#### [WHAT THIS TASK INVOLVES]
In the entries below, which lines run from the one containing "#271=EDGE_CURVE('',#218,#217,#121,.T.);" to the one containing "#465=AXIS2_PLACEMENT_3D('',#691,#540,#541);"? Copy exactly those lines, ends included, and no others.

BEGIN RECORDS SUPPLIED

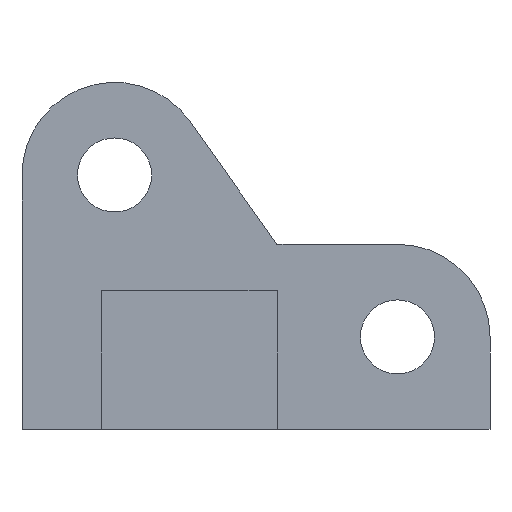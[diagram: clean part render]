
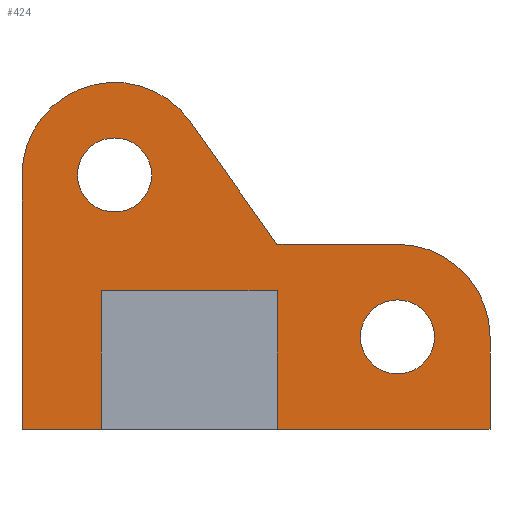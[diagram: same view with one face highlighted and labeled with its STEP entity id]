
A CAD part, left-side view. The second image highlights one B-rep face of the part: STEP entity #424.
In plain terms, the highlighted planar face has unit normal (-1, 0, 0).
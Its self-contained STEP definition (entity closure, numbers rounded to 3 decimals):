
#23=FACE_BOUND('',#87,.T.);
#24=FACE_BOUND('',#88,.T.);
#35=PLANE('',#480);
#59=FACE_OUTER_BOUND('',#86,.T.);
#86=EDGE_LOOP('',(#361,#362,#363,#364,#365,#366,#367,#368,#369,#370,#371));
#87=EDGE_LOOP('',(#372));
#88=EDGE_LOOP('',(#373));
#106=LINE('',#701,#142);
#109=LINE('',#707,#145);
#114=LINE('',#723,#150);
#120=LINE('',#736,#156);
#121=LINE('',#739,#157);
#122=LINE('',#741,#158);
#123=LINE('',#743,#159);
#124=LINE('',#745,#160);
#125=LINE('',#746,#161);
#142=VECTOR('',#551,10.);
#145=VECTOR('',#556,10.);
#150=VECTOR('',#573,10.);
#156=VECTOR('',#587,10.);
#157=VECTOR('',#590,10.);
#158=VECTOR('',#591,10.);
#159=VECTOR('',#592,10.);
#160=VECTOR('',#593,10.);
#161=VECTOR('',#594,10.);
#178=CIRCLE('',#465,1.6);
#179=CIRCLE('',#467,1.6);
#181=CIRCLE('',#472,4.);
#182=CIRCLE('',#474,4.);
#204=VERTEX_POINT('',#690);
#205=VERTEX_POINT('',#694);
#206=VERTEX_POINT('',#698);
#207=VERTEX_POINT('',#700);
#209=VERTEX_POINT('',#706);
#211=VERTEX_POINT('',#711);
#212=VERTEX_POINT('',#716);
#214=VERTEX_POINT('',#722);
#217=VERTEX_POINT('',#734);
#218=VERTEX_POINT('',#738);
#219=VERTEX_POINT('',#740);
#220=VERTEX_POINT('',#742);
#221=VERTEX_POINT('',#744);
#247=EDGE_CURVE('',#204,#204,#178,.T.);
#250=EDGE_CURVE('',#205,#205,#179,.T.);
#252=EDGE_CURVE('',#207,#206,#106,.T.);
#255=EDGE_CURVE('',#209,#207,#109,.T.);
#259=EDGE_CURVE('',#211,#209,#181,.T.);
#261=EDGE_CURVE('',#206,#212,#182,.T.);
#263=EDGE_CURVE('',#214,#211,#114,.T.);
#270=EDGE_CURVE('',#212,#217,#120,.T.);
#271=EDGE_CURVE('',#218,#217,#121,.T.);
#272=EDGE_CURVE('',#219,#218,#122,.T.);
#273=EDGE_CURVE('',#220,#219,#123,.T.);
#274=EDGE_CURVE('',#221,#220,#124,.F.);
#275=EDGE_CURVE('',#221,#214,#125,.T.);
#361=ORIENTED_EDGE('',*,*,#261,.T.);
#362=ORIENTED_EDGE('',*,*,#270,.T.);
#363=ORIENTED_EDGE('',*,*,#271,.F.);
#364=ORIENTED_EDGE('',*,*,#272,.F.);
#365=ORIENTED_EDGE('',*,*,#273,.F.);
#366=ORIENTED_EDGE('',*,*,#274,.F.);
#367=ORIENTED_EDGE('',*,*,#275,.T.);
#368=ORIENTED_EDGE('',*,*,#263,.T.);
#369=ORIENTED_EDGE('',*,*,#259,.T.);
#370=ORIENTED_EDGE('',*,*,#255,.T.);
#371=ORIENTED_EDGE('',*,*,#252,.T.);
#372=ORIENTED_EDGE('',*,*,#250,.T.);
#373=ORIENTED_EDGE('',*,*,#247,.F.);
#424=ADVANCED_FACE('',(#59,#23,#24),#35,.F.);
#465=AXIS2_PLACEMENT_3D('',#691,#540,#541);
#467=AXIS2_PLACEMENT_3D('',#696,#546,#547);
#472=AXIS2_PLACEMENT_3D('',#714,#563,#564);
#474=AXIS2_PLACEMENT_3D('',#718,#568,#569);
#480=AXIS2_PLACEMENT_3D('',#737,#588,#589);
#540=DIRECTION('center_axis',(-1.,0.,0.));
#541=DIRECTION('ref_axis',(0.,1.,0.));
#546=DIRECTION('center_axis',(1.,0.,0.));
#547=DIRECTION('ref_axis',(0.,1.,0.));
#551=DIRECTION('',(0.,0.577,0.816));
#556=DIRECTION('',(0.,1.,0.));
#563=DIRECTION('center_axis',(-1.,0.,0.));
#564=DIRECTION('ref_axis',(0.,-1.,0.));
#568=DIRECTION('center_axis',(-1.,0.,0.));
#569=DIRECTION('ref_axis',(0.,-1.,0.));
#573=DIRECTION('',(0.,0.,1.));
#587=DIRECTION('',(0.,0.,-1.));
#588=DIRECTION('center_axis',(1.,0.,0.));
#589=DIRECTION('ref_axis',(0.,-1.,0.));
#590=DIRECTION('',(0.,1.,0.));
#591=DIRECTION('',(0.,0.,-1.));
#592=DIRECTION('',(0.,1.,0.));
#593=DIRECTION('',(0.,0.,-1.));
#594=DIRECTION('',(0.,-1.,0.));
#690=CARTESIAN_POINT('',(41.226,-300.973,32.048));
#691=CARTESIAN_POINT('Origin',(41.226,-299.373,32.048));
#694=CARTESIAN_POINT('',(41.226,-313.2,25.048));
#696=CARTESIAN_POINT('Origin',(41.226,-311.6,25.048));
#698=CARTESIAN_POINT('',(41.226,-302.639,34.357));
#700=CARTESIAN_POINT('',(41.226,-306.393,29.048));
#701=CARTESIAN_POINT('',(41.226,-305.412,30.436));
#706=CARTESIAN_POINT('',(41.226,-311.6,29.048));
#707=CARTESIAN_POINT('',(41.226,-300.997,29.048));
#711=CARTESIAN_POINT('',(41.226,-315.6,25.048));
#714=CARTESIAN_POINT('Origin',(41.226,-311.6,25.048));
#716=CARTESIAN_POINT('',(41.226,-295.373,32.048));
#718=CARTESIAN_POINT('Origin',(41.226,-299.373,32.048));
#722=CARTESIAN_POINT('',(41.226,-315.6,21.048));
#723=CARTESIAN_POINT('',(41.226,-315.6,29.287));
#734=CARTESIAN_POINT('',(41.226,-295.373,21.048));
#736=CARTESIAN_POINT('',(41.226,-295.373,30.048));
#737=CARTESIAN_POINT('Origin',(41.226,-297.6,28.048));
#738=CARTESIAN_POINT('',(41.226,-298.8,21.048));
#739=CARTESIAN_POINT('',(41.226,-307.6,21.048));
#740=CARTESIAN_POINT('',(41.226,-298.8,27.048));
#741=CARTESIAN_POINT('',(41.226,-298.8,24.548));
#742=CARTESIAN_POINT('',(41.226,-306.4,27.048));
#743=CARTESIAN_POINT('',(41.226,-298.2,27.048));
#744=CARTESIAN_POINT('',(41.226,-306.4,21.048));
#745=CARTESIAN_POINT('',(41.226,-306.4,24.548));
#746=CARTESIAN_POINT('',(41.226,-307.6,21.048));

END RECORDS SUPPLIED

#### [EXERCISE OUTPUT]
#271=EDGE_CURVE('',#218,#217,#121,.T.);
#272=EDGE_CURVE('',#219,#218,#122,.T.);
#273=EDGE_CURVE('',#220,#219,#123,.T.);
#274=EDGE_CURVE('',#221,#220,#124,.F.);
#275=EDGE_CURVE('',#221,#214,#125,.T.);
#361=ORIENTED_EDGE('',*,*,#261,.T.);
#362=ORIENTED_EDGE('',*,*,#270,.T.);
#363=ORIENTED_EDGE('',*,*,#271,.F.);
#364=ORIENTED_EDGE('',*,*,#272,.F.);
#365=ORIENTED_EDGE('',*,*,#273,.F.);
#366=ORIENTED_EDGE('',*,*,#274,.F.);
#367=ORIENTED_EDGE('',*,*,#275,.T.);
#368=ORIENTED_EDGE('',*,*,#263,.T.);
#369=ORIENTED_EDGE('',*,*,#259,.T.);
#370=ORIENTED_EDGE('',*,*,#255,.T.);
#371=ORIENTED_EDGE('',*,*,#252,.T.);
#372=ORIENTED_EDGE('',*,*,#250,.T.);
#373=ORIENTED_EDGE('',*,*,#247,.F.);
#424=ADVANCED_FACE('',(#59,#23,#24),#35,.F.);
#465=AXIS2_PLACEMENT_3D('',#691,#540,#541);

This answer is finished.